» AIM OF THE TASK: Compute how many lines in the entries below include the string "color". Only the number is wanted.

» LISTED ENTRIES:

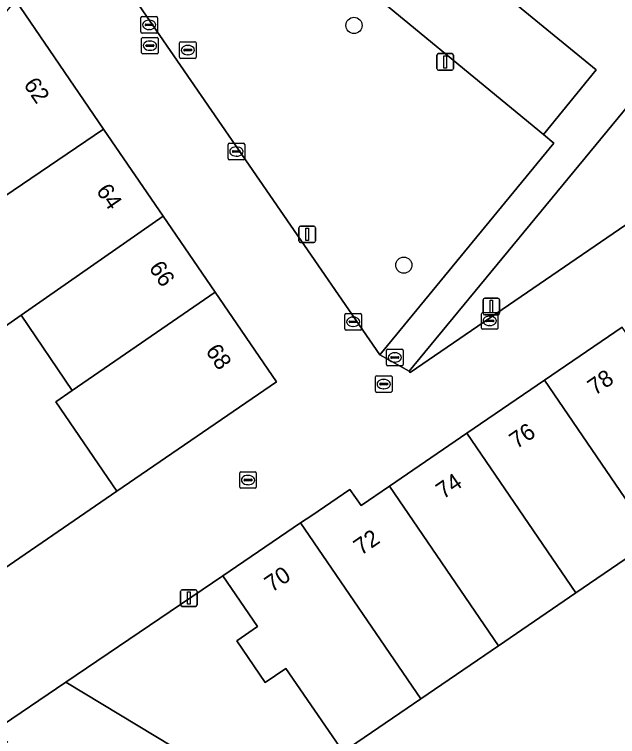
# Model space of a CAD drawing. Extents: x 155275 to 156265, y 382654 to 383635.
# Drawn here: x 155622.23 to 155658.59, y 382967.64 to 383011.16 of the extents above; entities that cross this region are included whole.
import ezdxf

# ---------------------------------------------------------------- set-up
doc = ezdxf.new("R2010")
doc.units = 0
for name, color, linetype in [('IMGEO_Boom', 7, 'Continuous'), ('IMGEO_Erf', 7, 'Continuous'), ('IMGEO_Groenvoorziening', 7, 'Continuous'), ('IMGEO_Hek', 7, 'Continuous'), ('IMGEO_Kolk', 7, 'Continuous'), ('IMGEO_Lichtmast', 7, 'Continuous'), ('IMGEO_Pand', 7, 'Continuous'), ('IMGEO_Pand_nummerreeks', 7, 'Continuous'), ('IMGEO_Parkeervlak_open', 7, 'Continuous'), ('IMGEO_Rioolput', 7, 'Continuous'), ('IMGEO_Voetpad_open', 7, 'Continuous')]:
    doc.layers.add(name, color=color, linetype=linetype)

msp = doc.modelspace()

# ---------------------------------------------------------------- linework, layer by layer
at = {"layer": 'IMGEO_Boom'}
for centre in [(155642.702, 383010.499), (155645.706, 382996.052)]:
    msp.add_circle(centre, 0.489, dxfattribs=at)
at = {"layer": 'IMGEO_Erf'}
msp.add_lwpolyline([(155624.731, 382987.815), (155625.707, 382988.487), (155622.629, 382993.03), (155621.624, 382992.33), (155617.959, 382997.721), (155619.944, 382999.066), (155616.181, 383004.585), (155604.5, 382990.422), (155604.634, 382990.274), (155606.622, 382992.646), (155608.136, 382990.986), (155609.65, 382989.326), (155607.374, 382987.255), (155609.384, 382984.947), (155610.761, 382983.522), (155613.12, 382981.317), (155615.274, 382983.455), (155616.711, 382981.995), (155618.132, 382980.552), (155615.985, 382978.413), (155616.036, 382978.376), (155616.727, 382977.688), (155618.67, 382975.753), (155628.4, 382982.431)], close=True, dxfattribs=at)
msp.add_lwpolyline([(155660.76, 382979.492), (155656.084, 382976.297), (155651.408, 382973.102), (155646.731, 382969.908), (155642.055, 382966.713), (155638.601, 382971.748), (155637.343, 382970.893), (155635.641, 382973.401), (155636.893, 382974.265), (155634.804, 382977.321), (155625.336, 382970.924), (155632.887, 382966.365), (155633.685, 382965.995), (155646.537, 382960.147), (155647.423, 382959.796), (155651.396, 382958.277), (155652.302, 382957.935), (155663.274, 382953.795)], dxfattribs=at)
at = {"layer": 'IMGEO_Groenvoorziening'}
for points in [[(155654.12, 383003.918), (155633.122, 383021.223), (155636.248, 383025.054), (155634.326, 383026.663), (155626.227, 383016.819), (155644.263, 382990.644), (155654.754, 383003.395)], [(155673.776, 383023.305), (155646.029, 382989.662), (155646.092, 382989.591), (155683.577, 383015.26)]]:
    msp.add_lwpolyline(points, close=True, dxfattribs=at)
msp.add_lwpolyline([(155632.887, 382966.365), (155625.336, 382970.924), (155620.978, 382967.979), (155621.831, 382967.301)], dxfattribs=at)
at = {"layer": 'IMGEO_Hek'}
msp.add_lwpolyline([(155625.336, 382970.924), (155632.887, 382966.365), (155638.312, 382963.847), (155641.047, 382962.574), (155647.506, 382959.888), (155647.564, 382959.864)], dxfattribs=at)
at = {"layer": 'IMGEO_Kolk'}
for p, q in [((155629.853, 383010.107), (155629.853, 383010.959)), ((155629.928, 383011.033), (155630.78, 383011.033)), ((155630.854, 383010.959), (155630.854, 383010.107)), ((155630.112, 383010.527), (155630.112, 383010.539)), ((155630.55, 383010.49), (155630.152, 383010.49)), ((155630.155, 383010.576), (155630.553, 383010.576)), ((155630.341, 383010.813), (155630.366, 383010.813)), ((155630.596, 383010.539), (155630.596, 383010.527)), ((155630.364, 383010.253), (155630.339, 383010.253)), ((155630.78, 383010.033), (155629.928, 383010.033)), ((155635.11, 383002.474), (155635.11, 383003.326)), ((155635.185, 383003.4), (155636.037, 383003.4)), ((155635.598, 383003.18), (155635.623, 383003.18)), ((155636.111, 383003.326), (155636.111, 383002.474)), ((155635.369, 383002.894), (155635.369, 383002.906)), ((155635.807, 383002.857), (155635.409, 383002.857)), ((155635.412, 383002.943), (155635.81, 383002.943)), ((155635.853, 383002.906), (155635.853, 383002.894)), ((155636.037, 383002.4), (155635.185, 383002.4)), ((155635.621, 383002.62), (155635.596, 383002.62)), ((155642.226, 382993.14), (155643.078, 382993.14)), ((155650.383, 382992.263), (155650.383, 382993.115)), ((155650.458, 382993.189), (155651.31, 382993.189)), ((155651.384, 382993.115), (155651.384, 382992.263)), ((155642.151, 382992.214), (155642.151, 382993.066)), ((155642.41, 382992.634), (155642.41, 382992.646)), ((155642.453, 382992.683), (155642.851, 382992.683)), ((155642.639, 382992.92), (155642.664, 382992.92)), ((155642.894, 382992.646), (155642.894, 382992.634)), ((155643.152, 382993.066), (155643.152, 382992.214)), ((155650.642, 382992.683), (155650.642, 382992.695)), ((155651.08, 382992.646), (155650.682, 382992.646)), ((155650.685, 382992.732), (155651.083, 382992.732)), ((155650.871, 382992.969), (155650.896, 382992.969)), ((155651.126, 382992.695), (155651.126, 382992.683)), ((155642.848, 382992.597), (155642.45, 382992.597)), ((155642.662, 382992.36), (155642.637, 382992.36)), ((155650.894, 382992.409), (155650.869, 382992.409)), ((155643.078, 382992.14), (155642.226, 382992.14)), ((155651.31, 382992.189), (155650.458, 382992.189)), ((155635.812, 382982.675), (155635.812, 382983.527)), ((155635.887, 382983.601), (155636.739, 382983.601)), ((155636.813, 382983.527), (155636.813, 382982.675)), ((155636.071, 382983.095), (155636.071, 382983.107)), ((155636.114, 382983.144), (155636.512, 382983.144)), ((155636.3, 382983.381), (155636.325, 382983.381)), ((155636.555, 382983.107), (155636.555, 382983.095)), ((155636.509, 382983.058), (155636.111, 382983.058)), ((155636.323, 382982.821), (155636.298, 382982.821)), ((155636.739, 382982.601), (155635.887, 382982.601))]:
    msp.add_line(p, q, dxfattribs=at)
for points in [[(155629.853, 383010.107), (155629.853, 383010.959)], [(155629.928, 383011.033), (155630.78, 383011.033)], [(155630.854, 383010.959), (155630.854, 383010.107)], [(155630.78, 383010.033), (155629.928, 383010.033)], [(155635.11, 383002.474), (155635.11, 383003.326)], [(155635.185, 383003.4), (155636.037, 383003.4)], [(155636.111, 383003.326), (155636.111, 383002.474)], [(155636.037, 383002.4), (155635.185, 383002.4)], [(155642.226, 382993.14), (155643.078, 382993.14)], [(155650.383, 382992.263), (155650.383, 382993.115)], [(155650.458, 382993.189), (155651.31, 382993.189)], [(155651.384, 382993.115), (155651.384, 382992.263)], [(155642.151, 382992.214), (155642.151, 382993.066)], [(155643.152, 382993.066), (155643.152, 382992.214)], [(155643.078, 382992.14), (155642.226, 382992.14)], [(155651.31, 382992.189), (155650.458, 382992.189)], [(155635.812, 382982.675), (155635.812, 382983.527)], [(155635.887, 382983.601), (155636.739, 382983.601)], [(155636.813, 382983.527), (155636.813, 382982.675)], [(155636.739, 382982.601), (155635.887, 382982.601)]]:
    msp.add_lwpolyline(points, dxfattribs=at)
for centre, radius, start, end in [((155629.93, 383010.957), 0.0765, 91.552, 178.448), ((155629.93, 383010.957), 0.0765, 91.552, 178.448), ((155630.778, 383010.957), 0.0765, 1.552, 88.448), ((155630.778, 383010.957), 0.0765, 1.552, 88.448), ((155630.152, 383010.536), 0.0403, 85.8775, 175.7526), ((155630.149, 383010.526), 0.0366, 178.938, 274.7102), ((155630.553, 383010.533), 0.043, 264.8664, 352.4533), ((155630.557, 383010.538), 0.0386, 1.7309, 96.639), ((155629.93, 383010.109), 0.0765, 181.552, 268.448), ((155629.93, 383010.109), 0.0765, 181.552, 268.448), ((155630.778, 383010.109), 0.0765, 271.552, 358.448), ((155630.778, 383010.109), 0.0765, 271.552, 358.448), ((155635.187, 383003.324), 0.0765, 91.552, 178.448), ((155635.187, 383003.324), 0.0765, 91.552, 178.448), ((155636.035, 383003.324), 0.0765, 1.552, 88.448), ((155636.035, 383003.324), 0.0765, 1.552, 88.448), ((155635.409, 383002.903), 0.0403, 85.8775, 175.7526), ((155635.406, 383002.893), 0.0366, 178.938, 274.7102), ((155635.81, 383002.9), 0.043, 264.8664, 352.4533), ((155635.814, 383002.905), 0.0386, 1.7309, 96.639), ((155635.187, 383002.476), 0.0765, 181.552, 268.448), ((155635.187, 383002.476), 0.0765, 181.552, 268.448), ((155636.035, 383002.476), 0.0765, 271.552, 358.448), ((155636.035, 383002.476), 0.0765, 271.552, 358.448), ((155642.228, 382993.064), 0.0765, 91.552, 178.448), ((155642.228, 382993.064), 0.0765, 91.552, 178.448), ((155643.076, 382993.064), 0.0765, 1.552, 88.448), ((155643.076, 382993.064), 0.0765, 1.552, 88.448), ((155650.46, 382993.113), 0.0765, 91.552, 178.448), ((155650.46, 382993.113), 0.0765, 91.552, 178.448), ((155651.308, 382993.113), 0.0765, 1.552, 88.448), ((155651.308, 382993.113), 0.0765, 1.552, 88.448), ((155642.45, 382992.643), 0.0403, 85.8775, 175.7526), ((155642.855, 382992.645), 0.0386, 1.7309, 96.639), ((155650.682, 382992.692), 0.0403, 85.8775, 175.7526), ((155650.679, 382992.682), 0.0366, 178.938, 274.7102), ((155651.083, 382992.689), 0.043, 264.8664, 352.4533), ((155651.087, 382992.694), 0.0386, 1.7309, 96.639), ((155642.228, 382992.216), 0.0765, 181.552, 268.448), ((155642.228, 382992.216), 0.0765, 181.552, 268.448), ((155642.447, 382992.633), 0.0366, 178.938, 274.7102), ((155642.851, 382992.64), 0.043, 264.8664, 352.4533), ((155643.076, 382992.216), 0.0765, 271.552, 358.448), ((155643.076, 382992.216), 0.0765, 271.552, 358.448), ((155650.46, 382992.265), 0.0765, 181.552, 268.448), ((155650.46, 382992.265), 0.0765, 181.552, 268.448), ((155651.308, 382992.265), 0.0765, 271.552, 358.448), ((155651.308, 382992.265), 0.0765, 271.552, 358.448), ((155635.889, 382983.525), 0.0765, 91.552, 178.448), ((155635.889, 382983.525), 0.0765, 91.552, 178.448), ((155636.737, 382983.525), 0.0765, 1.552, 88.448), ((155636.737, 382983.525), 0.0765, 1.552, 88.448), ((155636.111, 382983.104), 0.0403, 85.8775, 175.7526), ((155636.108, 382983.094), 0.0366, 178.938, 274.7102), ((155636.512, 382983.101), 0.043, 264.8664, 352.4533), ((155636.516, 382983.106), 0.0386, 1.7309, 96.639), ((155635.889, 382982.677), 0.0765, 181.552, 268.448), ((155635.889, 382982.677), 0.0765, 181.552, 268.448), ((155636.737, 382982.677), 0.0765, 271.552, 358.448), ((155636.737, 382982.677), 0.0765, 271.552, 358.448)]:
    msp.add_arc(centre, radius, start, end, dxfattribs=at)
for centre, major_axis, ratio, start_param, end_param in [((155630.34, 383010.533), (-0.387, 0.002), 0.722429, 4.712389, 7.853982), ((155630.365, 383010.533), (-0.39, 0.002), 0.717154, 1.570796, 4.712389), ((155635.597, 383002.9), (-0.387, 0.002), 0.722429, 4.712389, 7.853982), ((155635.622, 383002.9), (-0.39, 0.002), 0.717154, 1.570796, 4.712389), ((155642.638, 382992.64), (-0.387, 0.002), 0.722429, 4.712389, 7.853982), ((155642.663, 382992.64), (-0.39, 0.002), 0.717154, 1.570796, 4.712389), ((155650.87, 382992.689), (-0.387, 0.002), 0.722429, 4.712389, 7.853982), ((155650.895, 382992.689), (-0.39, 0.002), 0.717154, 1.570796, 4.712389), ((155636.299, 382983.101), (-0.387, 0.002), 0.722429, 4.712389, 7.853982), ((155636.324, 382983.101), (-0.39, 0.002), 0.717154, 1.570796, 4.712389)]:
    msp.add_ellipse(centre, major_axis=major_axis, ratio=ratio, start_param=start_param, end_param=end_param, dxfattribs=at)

» WRITTEN ANSWER: 2